Early 1900s time capsule turns up in head of lion statue
The Bostonian Society, which operates a museum at the Old State House, said Tuesday it had confirmed the presence of what had long been rumored to be a time capsule from 1901 tucked away inside the copper statue. The statue was recently taken down from the roof as part of a restoration effort.
A fiber optic camera was used to locate the time capsule – in actuality a copper box – in the head of the lion, according to Heather Leet, the society’s director of development. The next steps, she said, will include an attempt to carefully open the statue without damaging it, followed by the removal of the box and examination of its contents.
The group first learned of the potential existence of the time capsule several years ago from a woman who was a descendent of the original sculptor.
“She had a letter from him and a list of things in the time capsule,” said Leet.
The society did some further research and uncovered a 1901 article about the time capsule in The Boston Globe, she said.
Newspaper clippings and photographs from the period, along with letters from politicians and other prominent Bostonians of the era, are among the items expected to be found in the box, which could be opened as early as next week.
“We’re really looking forward to seeing what those letters say,” said Leet, adding that they could contain messages written to future generations.
The Old State House, among Boston’s most popular tourist attractions, has a storied history. It was one of the city’s most important civic buildings in Colonial times and later became a focal point of the American Revolution.

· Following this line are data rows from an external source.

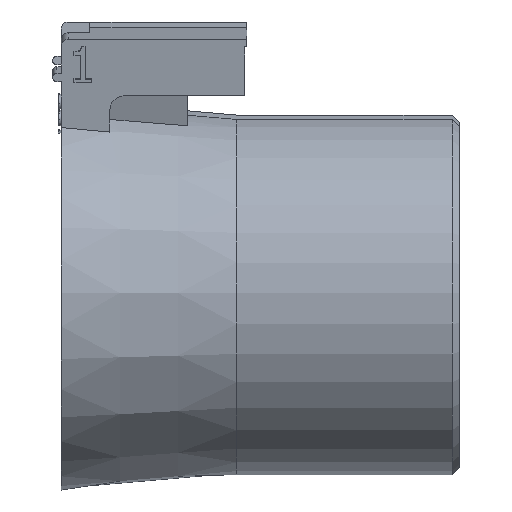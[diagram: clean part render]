
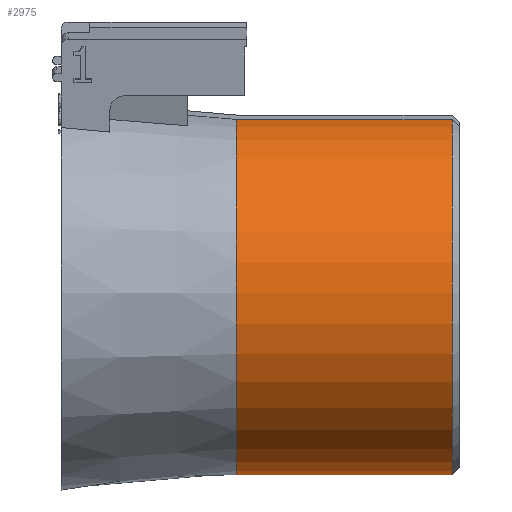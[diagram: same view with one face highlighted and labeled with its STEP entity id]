
A CAD part, front view. The second image highlights one B-rep face of the part: STEP entity #2975.
In plain terms, the highlighted cylindrical face has radius 12.5 mm (diameter 25 mm), a partial arc.
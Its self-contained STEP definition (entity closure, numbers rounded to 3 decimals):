
#49=CYLINDRICAL_SURFACE('',#3158,12.5);
#85=CIRCLE('',#3139,12.5);
#94=CIRCLE('',#3159,12.5);
#443=FACE_OUTER_BOUND('',#606,.T.);
#606=EDGE_LOOP('',(#2627,#2628,#2629,#2630));
#879=LINE('',#4993,#1168);
#901=LINE('',#5040,#1190);
#1168=VECTOR('',#3684,10.);
#1190=VECTOR('',#3720,10.);
#1507=VERTEX_POINT('',#4913);
#1510=VERTEX_POINT('',#4926);
#1531=VERTEX_POINT('',#4992);
#1549=VERTEX_POINT('',#5039);
#1878=EDGE_CURVE('',#1507,#1510,#85,.T.);
#1908=EDGE_CURVE('',#1531,#1510,#879,.T.);
#1933=EDGE_CURVE('',#1549,#1507,#901,.T.);
#1934=EDGE_CURVE('',#1531,#1549,#94,.T.);
#2627=ORIENTED_EDGE('',*,*,#1933,.F.);
#2628=ORIENTED_EDGE('',*,*,#1934,.F.);
#2629=ORIENTED_EDGE('',*,*,#1908,.T.);
#2630=ORIENTED_EDGE('',*,*,#1878,.F.);
#2975=ADVANCED_FACE('',(#443),#49,.T.);
#3139=AXIS2_PLACEMENT_3D('',#4927,#3638,#3639);
#3158=AXIS2_PLACEMENT_3D('',#5038,#3718,#3719);
#3159=AXIS2_PLACEMENT_3D('',#5041,#3721,#3722);
#3638=DIRECTION('center_axis',(-1.,0.,0.));
#3639=DIRECTION('ref_axis',(0.,-0.985,-0.174));
#3684=DIRECTION('',(-1.,0.,0.));
#3718=DIRECTION('center_axis',(-1.,0.,0.));
#3719=DIRECTION('ref_axis',(0.,-0.985,-0.174));
#3720=DIRECTION('',(-1.,0.,0.));
#3721=DIRECTION('center_axis',(1.,0.,0.));
#3722=DIRECTION('ref_axis',(0.,0.985,0.174));
#4913=CARTESIAN_POINT('',(11.43,0.402,-12.494));
#4926=CARTESIAN_POINT('',(11.43,-3.542,12.19));
#4927=CARTESIAN_POINT('Origin',(11.43,-1.372,-0.12));
#4992=CARTESIAN_POINT('',(26.5,-3.542,12.19));
#4993=CARTESIAN_POINT('',(19.215,-3.542,12.19));
#5038=CARTESIAN_POINT('Origin',(19.215,-1.372,-0.12));
#5039=CARTESIAN_POINT('',(26.5,0.402,-12.494));
#5040=CARTESIAN_POINT('',(19.215,0.402,-12.494));
#5041=CARTESIAN_POINT('Origin',(26.5,-1.372,-0.12));

The Boston Massacre took place just outside the building in 1770. In 1776, the Declaration of Independence was read to Bostonians from the balcony. After the war of independence, the building served as the first seat of Massachusetts government until construction of the current Statehouse in the late 18th century.
The first lion statue, along with that of a unicorn, was placed on the building in 1713 as symbols to mark the unification of England and Scotland, Leet said. The statues were destroyed amid the subsequent patriotic fervor, but were replaced more than a century later by the society as part of an effort to preserve the building and restore its historical look.